What about using a non-recycled promotional product in a campaign to promote recycling? Does the end justify the means? It depends on whom you ask. "Some put a 'Let's Recycle' message on a disposable or non-recycled item, but I think that loses the impact," says Golden. "They like the item even if it isn't made out of recycled material, and that bothers me because it's not truly being an environmentally aware individual-it's not doing the whole program. There are plenty of (recycled) products out there to work with nowadays."
Hurt's experience echoes Golden's stance. "The nonprofit groups want a product that will have lasting value to the recipient and not get tossed right away," he says. "It also should be made with an environmentally friendly process. Their goal is to reduce waste."
Stiffel plays the devil's advocate: "I've sold buttons to the EPA for years-buttons that aren't recycled. In some cases it just seems more important to the client to find something efficient and cost-effective that gets the message across." He cites another example where he worked with a client who gave away non-recycled cloth bags to supermarket customers to cut down on use of plastic grocery bags. "The cloth bags weren't made of recycled material, but the store's customers did cut down on usage of plastic bags. So wasn't that worth something? It depends on how you look at it."

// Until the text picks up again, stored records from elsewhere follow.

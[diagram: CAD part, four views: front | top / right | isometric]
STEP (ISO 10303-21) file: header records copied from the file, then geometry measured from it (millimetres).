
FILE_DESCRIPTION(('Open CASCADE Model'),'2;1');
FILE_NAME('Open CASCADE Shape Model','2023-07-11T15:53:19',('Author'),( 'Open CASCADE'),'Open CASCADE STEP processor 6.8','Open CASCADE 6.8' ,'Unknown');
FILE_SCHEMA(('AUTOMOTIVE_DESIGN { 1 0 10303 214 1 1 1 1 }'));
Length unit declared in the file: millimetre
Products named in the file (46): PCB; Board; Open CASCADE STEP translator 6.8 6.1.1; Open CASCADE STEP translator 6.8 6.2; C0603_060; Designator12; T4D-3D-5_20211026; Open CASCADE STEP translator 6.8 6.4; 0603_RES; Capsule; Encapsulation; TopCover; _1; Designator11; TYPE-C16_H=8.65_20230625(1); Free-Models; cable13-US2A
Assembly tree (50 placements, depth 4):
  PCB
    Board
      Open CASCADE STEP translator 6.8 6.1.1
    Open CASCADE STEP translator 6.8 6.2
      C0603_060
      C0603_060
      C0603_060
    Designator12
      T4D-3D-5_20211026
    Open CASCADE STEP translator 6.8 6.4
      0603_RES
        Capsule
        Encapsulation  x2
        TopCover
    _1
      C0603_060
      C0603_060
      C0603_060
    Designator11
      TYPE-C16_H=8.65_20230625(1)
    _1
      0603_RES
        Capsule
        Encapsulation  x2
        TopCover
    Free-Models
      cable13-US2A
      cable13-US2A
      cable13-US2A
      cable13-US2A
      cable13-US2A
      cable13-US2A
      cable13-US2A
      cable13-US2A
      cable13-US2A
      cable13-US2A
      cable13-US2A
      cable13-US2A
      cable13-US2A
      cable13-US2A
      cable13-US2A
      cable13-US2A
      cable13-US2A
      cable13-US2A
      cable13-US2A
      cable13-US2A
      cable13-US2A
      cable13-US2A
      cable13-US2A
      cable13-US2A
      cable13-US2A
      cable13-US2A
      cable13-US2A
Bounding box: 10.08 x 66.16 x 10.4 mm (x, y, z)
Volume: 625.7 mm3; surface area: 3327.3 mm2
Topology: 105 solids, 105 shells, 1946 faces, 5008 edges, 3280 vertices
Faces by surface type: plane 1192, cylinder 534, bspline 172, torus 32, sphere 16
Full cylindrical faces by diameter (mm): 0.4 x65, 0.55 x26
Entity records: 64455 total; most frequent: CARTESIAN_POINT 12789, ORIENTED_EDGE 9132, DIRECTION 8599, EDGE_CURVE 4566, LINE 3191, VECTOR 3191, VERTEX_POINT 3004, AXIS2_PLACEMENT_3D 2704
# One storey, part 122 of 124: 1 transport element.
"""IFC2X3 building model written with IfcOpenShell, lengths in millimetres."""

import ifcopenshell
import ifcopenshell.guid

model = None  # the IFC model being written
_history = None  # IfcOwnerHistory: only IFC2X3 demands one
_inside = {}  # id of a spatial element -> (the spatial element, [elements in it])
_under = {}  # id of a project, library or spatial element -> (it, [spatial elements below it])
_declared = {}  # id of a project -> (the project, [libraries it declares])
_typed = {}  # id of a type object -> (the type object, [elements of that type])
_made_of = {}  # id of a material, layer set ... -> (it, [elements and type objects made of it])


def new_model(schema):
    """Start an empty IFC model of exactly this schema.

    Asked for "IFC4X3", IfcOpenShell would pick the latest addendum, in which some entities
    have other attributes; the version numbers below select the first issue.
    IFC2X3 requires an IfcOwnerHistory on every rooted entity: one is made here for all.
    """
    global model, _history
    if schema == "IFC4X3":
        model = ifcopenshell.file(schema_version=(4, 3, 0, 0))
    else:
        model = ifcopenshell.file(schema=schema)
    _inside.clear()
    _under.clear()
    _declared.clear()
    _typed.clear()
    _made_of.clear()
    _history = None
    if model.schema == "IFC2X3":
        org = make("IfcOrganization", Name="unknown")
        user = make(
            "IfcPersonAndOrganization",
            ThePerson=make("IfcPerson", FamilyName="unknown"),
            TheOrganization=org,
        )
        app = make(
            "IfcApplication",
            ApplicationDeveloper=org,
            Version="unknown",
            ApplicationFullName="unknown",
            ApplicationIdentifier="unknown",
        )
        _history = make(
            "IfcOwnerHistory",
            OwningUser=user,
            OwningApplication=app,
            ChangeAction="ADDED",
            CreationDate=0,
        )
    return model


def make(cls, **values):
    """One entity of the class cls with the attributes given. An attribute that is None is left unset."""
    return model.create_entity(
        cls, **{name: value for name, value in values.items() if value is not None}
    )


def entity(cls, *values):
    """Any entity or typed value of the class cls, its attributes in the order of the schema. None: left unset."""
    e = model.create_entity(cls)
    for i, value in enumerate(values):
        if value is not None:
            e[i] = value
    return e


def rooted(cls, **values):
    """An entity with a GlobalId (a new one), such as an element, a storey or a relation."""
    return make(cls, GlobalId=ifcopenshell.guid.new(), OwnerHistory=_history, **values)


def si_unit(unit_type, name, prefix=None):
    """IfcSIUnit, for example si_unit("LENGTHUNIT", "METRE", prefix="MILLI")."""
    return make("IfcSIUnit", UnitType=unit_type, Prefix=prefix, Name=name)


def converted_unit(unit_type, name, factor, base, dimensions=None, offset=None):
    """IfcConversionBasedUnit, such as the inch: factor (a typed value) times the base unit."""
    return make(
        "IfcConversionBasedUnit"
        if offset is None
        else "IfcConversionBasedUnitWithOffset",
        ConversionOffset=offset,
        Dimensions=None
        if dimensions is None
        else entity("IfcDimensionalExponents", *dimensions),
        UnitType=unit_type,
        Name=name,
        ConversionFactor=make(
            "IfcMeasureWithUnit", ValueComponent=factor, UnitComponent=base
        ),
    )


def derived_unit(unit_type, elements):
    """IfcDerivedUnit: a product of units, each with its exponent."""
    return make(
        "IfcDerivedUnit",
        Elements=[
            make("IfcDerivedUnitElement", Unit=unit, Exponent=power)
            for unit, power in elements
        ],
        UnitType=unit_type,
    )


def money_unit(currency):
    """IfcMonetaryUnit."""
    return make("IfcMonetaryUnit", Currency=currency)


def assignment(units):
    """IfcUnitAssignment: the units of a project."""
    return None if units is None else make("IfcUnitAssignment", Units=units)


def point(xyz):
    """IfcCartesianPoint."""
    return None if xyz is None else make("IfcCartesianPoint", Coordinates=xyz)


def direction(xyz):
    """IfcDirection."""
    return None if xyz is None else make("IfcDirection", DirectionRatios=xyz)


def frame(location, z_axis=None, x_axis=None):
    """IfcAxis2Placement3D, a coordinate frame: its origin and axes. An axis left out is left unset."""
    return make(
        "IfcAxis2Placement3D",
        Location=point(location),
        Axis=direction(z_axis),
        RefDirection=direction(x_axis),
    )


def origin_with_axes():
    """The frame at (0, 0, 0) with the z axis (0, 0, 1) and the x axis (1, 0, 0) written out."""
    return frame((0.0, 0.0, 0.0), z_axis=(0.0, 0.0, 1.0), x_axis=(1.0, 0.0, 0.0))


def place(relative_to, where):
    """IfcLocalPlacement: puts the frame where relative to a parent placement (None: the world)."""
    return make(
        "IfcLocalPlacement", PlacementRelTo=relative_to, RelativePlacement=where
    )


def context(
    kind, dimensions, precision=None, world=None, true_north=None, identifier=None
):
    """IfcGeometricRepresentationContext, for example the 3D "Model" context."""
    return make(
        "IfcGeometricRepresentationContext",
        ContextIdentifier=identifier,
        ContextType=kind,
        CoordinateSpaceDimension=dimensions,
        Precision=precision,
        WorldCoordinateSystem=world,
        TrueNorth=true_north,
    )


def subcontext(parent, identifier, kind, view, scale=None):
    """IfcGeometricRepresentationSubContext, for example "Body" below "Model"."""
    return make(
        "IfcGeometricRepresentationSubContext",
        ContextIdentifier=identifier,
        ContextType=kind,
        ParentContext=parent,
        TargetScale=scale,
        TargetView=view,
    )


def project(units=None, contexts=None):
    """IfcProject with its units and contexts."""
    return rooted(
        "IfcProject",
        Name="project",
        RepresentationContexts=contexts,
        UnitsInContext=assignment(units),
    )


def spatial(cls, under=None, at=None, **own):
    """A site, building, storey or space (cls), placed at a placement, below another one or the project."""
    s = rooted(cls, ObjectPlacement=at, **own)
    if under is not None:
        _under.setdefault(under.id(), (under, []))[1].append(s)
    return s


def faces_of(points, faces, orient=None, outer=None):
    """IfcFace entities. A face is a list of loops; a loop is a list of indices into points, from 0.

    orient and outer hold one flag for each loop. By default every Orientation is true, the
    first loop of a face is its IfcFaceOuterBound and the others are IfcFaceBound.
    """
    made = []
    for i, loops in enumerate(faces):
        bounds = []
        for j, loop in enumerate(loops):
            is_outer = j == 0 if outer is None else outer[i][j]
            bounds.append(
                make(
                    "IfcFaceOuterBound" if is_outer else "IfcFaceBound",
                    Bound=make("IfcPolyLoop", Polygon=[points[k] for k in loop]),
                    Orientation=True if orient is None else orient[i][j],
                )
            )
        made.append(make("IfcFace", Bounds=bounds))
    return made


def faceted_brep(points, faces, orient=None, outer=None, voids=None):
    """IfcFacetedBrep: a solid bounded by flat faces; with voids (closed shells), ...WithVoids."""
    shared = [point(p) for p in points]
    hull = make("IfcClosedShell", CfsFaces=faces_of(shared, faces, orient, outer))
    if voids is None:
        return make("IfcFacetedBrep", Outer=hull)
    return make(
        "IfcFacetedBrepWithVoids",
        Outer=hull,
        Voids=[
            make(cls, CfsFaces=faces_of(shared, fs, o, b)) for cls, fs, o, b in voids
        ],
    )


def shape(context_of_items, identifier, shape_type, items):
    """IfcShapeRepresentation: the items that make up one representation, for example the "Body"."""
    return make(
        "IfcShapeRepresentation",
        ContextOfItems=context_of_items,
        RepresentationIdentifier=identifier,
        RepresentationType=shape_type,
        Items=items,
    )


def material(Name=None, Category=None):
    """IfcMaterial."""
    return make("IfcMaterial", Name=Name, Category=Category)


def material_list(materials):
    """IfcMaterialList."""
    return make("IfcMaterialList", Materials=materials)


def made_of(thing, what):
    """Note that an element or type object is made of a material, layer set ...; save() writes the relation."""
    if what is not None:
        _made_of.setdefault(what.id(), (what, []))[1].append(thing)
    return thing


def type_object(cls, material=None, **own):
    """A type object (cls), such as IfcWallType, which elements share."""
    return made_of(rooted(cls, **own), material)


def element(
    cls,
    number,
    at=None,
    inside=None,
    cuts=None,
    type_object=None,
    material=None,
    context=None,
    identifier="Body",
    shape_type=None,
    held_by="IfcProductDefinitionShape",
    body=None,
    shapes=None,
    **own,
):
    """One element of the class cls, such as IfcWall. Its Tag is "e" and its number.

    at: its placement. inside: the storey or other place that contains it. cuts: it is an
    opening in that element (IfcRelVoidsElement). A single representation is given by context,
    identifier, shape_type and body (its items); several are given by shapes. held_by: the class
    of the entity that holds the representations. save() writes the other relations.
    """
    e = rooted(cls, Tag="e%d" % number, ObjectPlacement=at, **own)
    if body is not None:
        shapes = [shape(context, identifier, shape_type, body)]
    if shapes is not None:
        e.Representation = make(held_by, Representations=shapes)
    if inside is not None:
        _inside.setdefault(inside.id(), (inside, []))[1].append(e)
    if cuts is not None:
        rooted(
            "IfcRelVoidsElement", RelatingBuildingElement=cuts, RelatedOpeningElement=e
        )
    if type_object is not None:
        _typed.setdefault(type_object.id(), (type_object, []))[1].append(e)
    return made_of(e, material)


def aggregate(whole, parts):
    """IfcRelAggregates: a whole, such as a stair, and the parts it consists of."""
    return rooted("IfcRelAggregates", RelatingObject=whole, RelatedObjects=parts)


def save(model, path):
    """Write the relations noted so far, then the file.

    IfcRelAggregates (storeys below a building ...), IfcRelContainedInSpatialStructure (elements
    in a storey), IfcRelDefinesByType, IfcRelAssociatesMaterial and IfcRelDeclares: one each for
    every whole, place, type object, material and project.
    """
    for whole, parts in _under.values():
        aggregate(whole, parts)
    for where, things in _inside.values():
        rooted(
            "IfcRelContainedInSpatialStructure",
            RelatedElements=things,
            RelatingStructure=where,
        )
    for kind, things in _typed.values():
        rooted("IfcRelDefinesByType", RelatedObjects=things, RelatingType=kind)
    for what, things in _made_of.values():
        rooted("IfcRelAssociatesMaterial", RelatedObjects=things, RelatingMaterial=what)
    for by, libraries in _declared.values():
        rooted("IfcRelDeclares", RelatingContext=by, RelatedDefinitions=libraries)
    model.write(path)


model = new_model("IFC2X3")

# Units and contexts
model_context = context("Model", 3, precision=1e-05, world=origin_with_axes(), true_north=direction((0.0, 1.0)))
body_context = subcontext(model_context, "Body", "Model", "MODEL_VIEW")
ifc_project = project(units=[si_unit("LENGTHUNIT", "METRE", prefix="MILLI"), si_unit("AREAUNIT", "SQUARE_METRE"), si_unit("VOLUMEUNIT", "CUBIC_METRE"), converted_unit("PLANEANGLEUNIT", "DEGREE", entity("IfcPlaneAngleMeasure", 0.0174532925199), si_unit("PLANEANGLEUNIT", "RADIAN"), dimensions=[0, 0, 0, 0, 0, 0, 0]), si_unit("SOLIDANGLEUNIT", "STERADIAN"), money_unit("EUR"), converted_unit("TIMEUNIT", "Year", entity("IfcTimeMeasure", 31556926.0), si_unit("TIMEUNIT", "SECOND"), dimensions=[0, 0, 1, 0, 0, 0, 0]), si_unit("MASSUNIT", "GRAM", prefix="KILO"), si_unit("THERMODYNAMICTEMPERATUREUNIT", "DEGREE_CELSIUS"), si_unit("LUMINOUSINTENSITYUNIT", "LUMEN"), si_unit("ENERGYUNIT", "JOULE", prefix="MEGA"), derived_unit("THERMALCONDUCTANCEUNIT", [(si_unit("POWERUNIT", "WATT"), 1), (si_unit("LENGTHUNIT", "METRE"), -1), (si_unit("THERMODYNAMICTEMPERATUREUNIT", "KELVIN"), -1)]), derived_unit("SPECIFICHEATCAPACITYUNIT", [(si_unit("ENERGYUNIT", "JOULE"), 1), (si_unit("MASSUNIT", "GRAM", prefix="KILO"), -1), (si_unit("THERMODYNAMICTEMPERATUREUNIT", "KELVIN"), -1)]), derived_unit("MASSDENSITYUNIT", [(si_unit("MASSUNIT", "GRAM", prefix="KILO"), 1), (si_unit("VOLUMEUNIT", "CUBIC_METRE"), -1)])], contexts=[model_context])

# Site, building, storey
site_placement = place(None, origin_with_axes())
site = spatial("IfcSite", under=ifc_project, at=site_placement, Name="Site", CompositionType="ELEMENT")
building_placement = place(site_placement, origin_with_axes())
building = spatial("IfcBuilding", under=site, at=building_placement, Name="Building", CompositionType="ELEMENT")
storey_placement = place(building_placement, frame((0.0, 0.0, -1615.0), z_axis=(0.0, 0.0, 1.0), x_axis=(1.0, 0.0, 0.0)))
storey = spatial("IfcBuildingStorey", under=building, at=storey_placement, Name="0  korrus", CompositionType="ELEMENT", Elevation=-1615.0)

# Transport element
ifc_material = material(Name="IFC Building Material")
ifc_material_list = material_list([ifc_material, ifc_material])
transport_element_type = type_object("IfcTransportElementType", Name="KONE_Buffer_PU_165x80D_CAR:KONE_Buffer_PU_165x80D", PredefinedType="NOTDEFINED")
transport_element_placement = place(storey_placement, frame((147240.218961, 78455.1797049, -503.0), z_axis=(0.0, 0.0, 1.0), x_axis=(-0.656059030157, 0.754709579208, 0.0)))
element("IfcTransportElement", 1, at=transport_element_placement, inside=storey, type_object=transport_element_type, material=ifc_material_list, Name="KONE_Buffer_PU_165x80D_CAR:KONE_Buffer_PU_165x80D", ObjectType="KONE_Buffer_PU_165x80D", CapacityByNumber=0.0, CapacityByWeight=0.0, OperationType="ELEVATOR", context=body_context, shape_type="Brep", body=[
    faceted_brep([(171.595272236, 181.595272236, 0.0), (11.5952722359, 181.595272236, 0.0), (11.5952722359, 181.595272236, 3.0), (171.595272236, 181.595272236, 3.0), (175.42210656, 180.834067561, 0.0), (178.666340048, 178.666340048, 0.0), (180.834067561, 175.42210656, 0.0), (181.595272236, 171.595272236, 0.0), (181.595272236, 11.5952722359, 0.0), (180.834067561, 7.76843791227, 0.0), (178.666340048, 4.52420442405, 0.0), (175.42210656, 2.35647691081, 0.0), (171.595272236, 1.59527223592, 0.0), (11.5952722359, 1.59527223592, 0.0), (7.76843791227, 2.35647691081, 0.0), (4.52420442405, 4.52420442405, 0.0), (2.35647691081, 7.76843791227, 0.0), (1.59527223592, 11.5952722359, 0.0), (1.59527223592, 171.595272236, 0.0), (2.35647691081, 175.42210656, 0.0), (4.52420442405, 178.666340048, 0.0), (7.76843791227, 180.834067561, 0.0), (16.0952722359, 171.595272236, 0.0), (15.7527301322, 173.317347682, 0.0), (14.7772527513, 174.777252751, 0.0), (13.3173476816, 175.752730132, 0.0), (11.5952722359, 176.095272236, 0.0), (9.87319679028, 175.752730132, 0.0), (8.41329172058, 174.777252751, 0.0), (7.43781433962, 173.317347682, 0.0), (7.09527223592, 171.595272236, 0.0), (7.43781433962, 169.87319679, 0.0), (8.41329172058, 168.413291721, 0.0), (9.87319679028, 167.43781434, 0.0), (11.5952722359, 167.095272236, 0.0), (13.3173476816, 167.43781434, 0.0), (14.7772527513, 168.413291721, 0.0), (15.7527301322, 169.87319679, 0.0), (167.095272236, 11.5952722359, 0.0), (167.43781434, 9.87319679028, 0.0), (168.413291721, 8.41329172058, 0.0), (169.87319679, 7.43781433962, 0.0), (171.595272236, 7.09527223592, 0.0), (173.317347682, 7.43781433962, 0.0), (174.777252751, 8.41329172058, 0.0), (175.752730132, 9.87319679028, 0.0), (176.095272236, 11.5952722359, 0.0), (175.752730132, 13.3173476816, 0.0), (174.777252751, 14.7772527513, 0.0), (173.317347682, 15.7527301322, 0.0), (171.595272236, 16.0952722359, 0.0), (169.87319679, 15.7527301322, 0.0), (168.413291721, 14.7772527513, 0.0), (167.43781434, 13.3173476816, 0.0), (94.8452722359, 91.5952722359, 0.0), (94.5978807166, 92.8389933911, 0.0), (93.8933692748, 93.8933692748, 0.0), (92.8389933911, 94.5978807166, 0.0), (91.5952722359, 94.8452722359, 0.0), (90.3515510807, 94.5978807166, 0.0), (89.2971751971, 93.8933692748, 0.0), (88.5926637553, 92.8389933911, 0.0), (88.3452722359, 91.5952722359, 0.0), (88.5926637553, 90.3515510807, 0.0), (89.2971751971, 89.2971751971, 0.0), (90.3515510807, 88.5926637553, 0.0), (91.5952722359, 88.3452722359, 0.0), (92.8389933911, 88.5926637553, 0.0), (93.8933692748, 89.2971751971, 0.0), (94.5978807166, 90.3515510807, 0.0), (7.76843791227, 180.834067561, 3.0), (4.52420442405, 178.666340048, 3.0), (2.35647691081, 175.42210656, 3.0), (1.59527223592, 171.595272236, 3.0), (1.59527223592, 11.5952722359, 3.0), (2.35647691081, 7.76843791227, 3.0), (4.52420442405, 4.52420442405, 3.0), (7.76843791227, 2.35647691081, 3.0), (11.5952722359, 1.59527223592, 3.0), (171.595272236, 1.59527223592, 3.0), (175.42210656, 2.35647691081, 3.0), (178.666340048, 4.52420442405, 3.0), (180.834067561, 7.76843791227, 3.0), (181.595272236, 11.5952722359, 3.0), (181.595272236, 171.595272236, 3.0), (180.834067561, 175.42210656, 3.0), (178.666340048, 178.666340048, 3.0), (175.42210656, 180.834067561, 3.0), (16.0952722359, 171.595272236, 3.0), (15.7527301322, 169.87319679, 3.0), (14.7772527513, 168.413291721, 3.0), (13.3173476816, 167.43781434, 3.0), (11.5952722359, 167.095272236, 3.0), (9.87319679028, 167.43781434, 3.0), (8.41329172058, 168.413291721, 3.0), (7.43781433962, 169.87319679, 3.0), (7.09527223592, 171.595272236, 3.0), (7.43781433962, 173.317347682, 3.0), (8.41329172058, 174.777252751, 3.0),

"I think promotional products aren't used nearly enough," Hurt says. "PPAI has the research to show that promotional products in general have a lasting message. Distributors absolutely should go after environmental organizations-government or nonprofit-and find out what their needs are and turn on the creativity."
"I'm helpful to my clients by being as aware as I can of what they need and what's available in the marketplace," says Golden. "I'll take the time with a supplier to find out what a product is really made of before taking it to my client."
Hurt adds: "Environmental issues are broad and cover a lot of issues from animals or air quality to water and waste minimization. Build a relationship with suppliers who offer products with recycled content. Clients in this arena will ask how much recycled content is used and what type of process was used to make the product. Learn that information beforehand."
"For the sake of planet earth we need to increase recycling," concludes Dale. "I do it at home because I think it's important to use our natural resources wisely. There are people who think of promotional products as gadgets and junk. However, it's important for people to advertise and keep their name in front of their audience. Using recycled material promotional products fulfills both goals."